__Task description__.
Only the lines below from the one that holds "Volume: 124974.6 mm3;" through the one that holds "FILE_NAME ('AP_1-060.STEP', '2025-06-26T12:16:05', ( ''" should appear in the answer, copied exactly, end lines included and pictures omitted.

◇ ◇ ◇ ◇

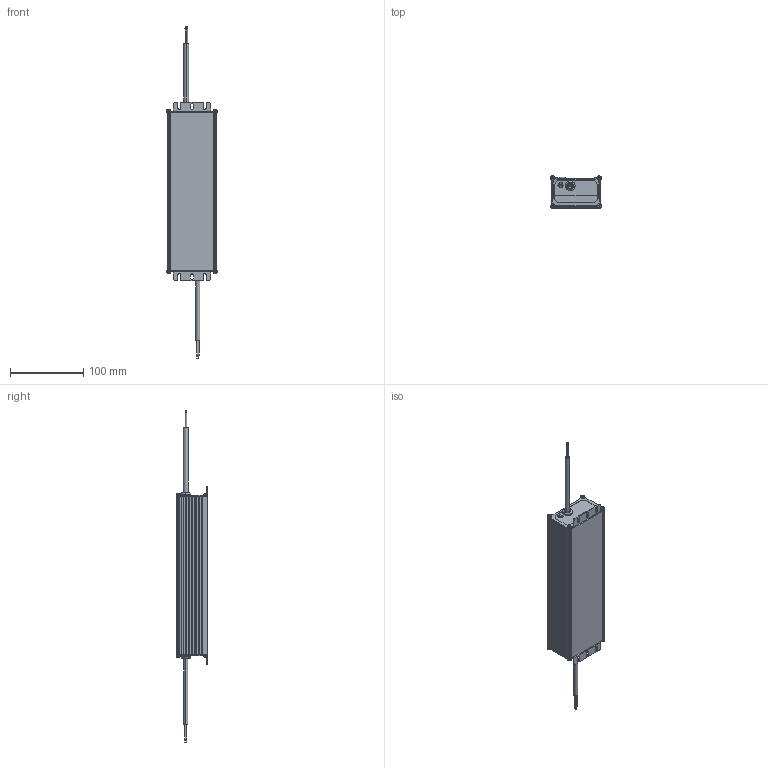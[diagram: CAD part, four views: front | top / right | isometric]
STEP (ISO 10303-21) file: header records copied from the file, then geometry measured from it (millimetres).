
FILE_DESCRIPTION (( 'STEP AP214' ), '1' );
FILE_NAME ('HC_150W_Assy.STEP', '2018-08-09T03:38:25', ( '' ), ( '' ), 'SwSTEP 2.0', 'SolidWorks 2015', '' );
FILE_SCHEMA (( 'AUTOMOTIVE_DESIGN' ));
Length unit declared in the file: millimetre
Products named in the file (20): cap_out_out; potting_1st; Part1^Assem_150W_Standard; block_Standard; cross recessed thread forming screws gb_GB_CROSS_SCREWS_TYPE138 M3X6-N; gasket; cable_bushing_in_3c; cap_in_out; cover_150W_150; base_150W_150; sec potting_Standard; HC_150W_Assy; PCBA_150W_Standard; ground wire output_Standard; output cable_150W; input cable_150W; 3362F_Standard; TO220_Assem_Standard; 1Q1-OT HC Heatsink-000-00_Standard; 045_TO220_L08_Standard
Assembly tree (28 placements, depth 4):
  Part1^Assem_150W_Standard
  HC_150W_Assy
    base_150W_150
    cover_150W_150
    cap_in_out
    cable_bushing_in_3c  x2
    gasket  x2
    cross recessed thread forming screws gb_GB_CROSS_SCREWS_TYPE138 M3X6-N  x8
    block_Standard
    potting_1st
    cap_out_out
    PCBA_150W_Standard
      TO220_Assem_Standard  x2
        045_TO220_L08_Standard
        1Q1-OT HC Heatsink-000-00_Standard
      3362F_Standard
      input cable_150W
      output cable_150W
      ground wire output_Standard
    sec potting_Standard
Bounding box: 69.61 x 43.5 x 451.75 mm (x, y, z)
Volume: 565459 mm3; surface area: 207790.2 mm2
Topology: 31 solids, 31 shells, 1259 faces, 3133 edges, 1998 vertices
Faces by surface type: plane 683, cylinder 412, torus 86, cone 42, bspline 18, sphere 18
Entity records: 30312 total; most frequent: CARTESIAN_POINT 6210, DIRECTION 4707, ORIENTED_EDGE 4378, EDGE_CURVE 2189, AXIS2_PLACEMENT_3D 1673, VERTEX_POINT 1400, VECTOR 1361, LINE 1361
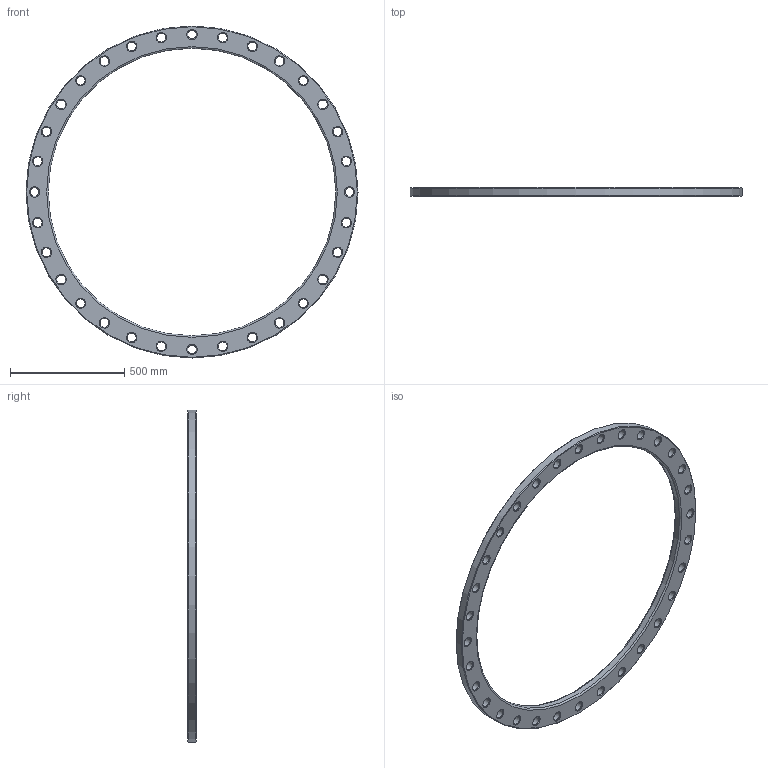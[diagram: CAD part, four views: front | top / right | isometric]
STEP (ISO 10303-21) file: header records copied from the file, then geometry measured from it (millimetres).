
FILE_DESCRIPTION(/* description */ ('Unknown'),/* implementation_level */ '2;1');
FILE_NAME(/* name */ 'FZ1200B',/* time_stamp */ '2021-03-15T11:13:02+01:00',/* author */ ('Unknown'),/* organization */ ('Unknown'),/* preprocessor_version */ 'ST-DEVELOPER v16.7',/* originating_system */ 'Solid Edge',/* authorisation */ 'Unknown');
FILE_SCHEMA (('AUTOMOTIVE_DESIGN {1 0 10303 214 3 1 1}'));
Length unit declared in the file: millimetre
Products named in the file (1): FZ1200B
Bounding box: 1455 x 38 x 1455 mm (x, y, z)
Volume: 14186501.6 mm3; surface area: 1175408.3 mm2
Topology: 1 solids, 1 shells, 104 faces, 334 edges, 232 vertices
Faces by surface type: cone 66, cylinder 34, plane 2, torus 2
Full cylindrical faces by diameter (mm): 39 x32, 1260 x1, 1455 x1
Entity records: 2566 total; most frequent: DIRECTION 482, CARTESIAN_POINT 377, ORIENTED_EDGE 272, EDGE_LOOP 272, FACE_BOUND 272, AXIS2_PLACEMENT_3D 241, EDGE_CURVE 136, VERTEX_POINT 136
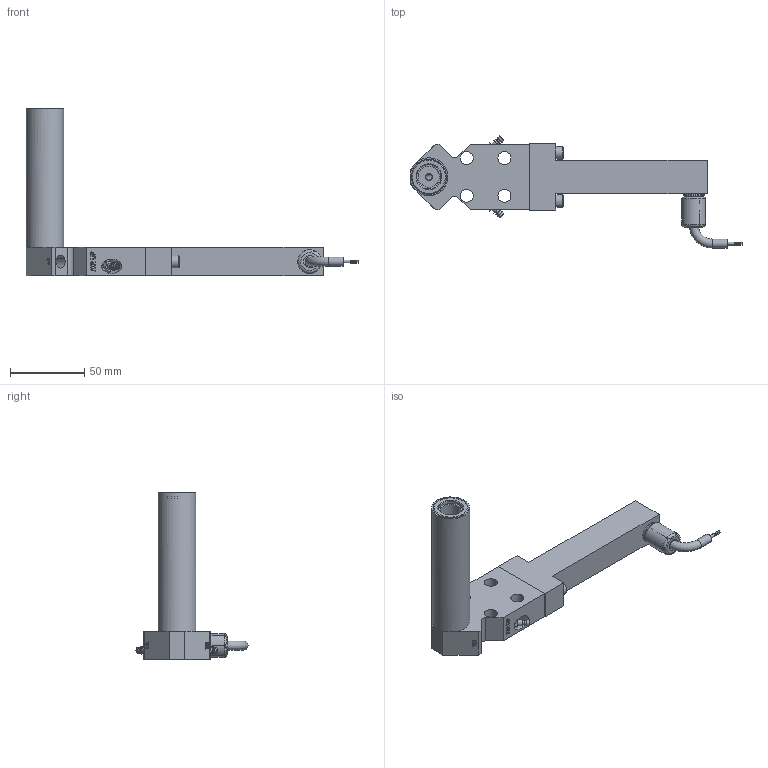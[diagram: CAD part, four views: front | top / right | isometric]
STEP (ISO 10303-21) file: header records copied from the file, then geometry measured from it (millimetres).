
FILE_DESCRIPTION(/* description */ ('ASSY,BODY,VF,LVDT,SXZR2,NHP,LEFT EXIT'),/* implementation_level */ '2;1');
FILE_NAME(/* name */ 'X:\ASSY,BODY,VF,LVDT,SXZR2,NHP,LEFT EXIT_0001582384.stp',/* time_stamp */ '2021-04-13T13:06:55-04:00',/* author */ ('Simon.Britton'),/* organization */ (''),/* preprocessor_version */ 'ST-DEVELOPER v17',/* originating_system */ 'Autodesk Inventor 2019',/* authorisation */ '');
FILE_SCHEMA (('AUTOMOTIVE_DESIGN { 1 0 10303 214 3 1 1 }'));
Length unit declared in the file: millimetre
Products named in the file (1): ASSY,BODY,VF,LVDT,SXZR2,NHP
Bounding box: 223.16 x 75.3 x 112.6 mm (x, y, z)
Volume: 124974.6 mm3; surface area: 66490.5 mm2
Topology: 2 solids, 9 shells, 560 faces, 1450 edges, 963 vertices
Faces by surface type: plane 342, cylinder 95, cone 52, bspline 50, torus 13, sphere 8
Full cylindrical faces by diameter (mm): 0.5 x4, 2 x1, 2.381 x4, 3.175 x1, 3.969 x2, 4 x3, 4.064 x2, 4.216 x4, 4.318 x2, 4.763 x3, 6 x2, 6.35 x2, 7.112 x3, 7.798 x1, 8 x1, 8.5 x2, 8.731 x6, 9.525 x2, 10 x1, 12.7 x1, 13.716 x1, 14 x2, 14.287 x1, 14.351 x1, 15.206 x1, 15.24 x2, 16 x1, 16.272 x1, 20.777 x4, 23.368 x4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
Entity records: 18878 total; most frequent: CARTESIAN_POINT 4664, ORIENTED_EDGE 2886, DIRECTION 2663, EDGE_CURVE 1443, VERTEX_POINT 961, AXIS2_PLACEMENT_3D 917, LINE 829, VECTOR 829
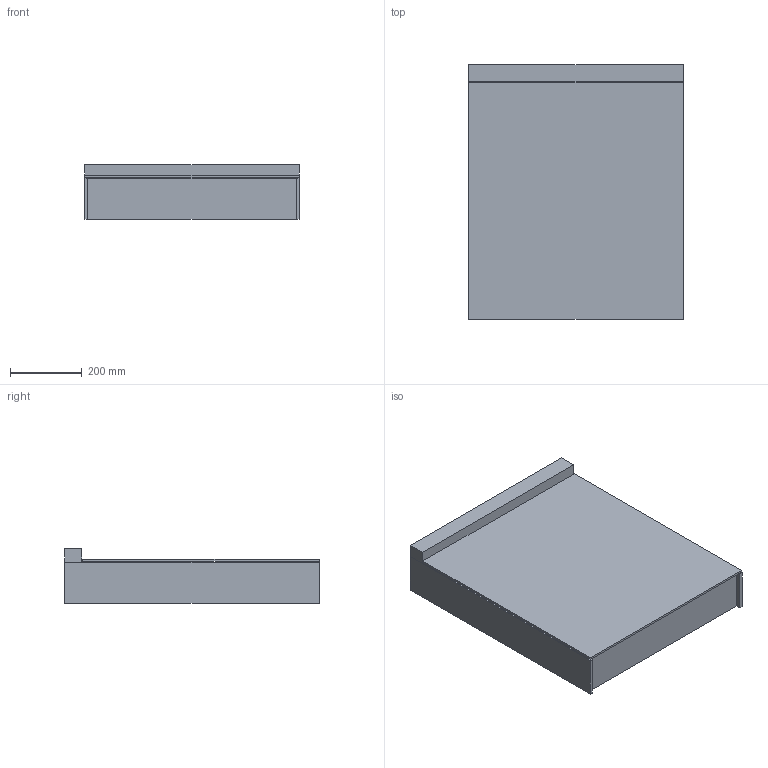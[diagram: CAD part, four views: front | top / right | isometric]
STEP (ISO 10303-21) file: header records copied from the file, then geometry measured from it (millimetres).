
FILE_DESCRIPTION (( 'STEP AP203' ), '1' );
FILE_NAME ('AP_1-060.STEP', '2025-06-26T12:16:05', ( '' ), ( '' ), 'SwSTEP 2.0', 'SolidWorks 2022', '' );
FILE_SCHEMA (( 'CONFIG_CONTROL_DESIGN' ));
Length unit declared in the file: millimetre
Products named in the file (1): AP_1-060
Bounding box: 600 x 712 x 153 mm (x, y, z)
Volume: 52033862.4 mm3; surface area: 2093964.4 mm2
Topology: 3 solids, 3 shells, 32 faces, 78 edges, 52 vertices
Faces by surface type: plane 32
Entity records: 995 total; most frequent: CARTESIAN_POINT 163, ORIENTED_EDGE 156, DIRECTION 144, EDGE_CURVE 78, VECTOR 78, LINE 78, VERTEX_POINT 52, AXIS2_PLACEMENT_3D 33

◇ ◇ ◇ ◇

__Answer to the exercise__.
Volume: 124974.6 mm3; surface area: 66490.5 mm2
Topology: 2 solids, 9 shells, 560 faces, 1450 edges, 963 vertices
Faces by surface type: plane 342, cylinder 95, cone 52, bspline 50, torus 13, sphere 8
Full cylindrical faces by diameter (mm): 0.5 x4, 2 x1, 2.381 x4, 3.175 x1, 3.969 x2, 4 x3, 4.064 x2, 4.216 x4, 4.318 x2, 4.763 x3, 6 x2, 6.35 x2, 7.112 x3, 7.798 x1, 8 x1, 8.5 x2, 8.731 x6, 9.525 x2, 10 x1, 12.7 x1, 13.716 x1, 14 x2, 14.287 x1, 14.351 x1, 15.206 x1, 15.24 x2, 16 x1, 16.272 x1, 20.777 x4, 23.368 x4
Entity records: 18878 total; most frequent: CARTESIAN_POINT 4664, ORIENTED_EDGE 2886, DIRECTION 2663, EDGE_CURVE 1443, VERTEX_POINT 961, AXIS2_PLACEMENT_3D 917, LINE 829, VECTOR 829
[diagram: CAD part, four views: front | top / right | isometric]
STEP (ISO 10303-21) file: header records copied from the file, then geometry measured from it (millimetres).
FILE_DESCRIPTION (( 'STEP AP203' ), '1' );
FILE_NAME ('AP_1-060.STEP', '2025-06-26T12:16:05', ( '' ), ( '' ), 'SwSTEP 2.0', 'SolidWorks 2022', '' );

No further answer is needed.